Mapping super enhancer regions to the transcriptome of individual cells and cell clusters within and between iALL patients

Berta Garrido-Zabala, Patrick Nylund, Arja Harila-Saari, Rita Niinimäki, Xingq Chen and Andreas Lennartsson

As a first attempt to understand how the epigenome influences gene expression in iALL we aim to study super enhancers (SE) regions. SE are large clusters of enhancers with anomalously high levels of transcription factor binding and marked with histone modifications such as H3K27ac.

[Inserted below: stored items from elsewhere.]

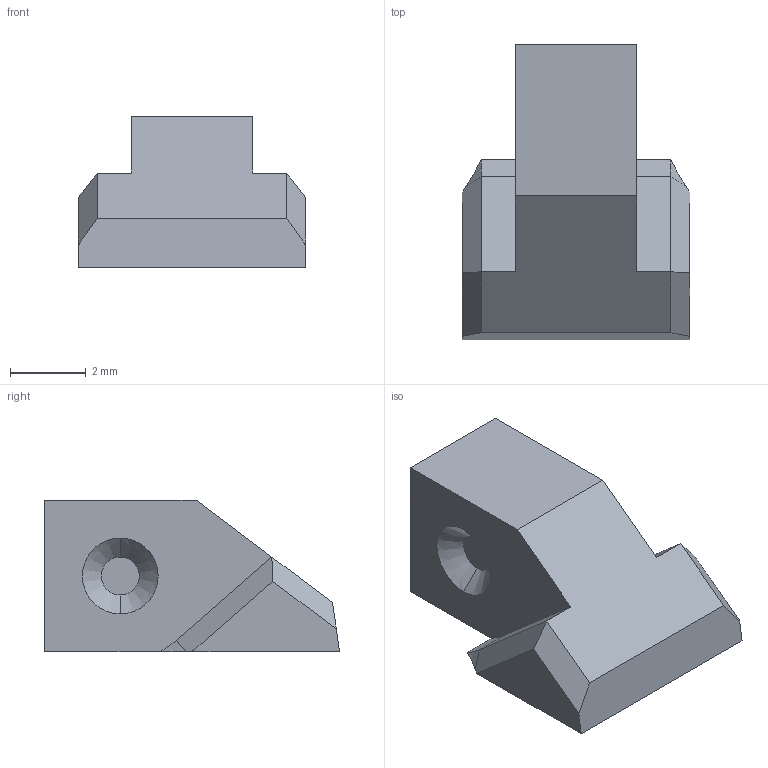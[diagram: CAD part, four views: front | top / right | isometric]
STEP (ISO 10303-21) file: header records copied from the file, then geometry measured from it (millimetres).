
FILE_DESCRIPTION (( 'STEP AP214' ), '1' );
FILE_NAME ('Paw.STEP', '2023-12-23T22:27:45', ( '' ), ( '' ), 'SwSTEP 2.0', 'SolidWorks 2023', '' );
FILE_SCHEMA (( 'AUTOMOTIVE_DESIGN' ));
Length unit declared in the file: millimetre
Products named in the file (1): Paw
Bounding box: 6 x 7.79 x 4 mm (x, y, z)
Volume: 97.8 mm3; surface area: 151.4 mm2
Topology: 1 solids, 1 shells, 25 faces, 59 edges, 38 vertices
Faces by surface type: plane 17, cone 6, cylinder 2
Entity records: 738 total; most frequent: CARTESIAN_POINT 129, DIRECTION 121, ORIENTED_EDGE 118, EDGE_CURVE 59, LINE 45, VECTOR 45, VERTEX_POINT 38, AXIS2_PLACEMENT_3D 38

To define the SE clusters in iALL we will map H3K27ac by CUT&Tag in KMT2A-r cell line and patient samples in order to identify specific SE within the subtypes of KMT2A-r or between KMT2A-r vs KMT2A-wt. It is crucial to fully identify the differences between KMT2A-r and KMT2A-wt or among the KMT2A-r subtypes in order to comprehend mechanisms underlying patient relapse and treatment resistance.

Of pivotal importance is to point out that this analysis will be performed on the same patient samples as the scRNA-seq, which allows for in depth data integration and brings clinical significance in the era of personalized medicine.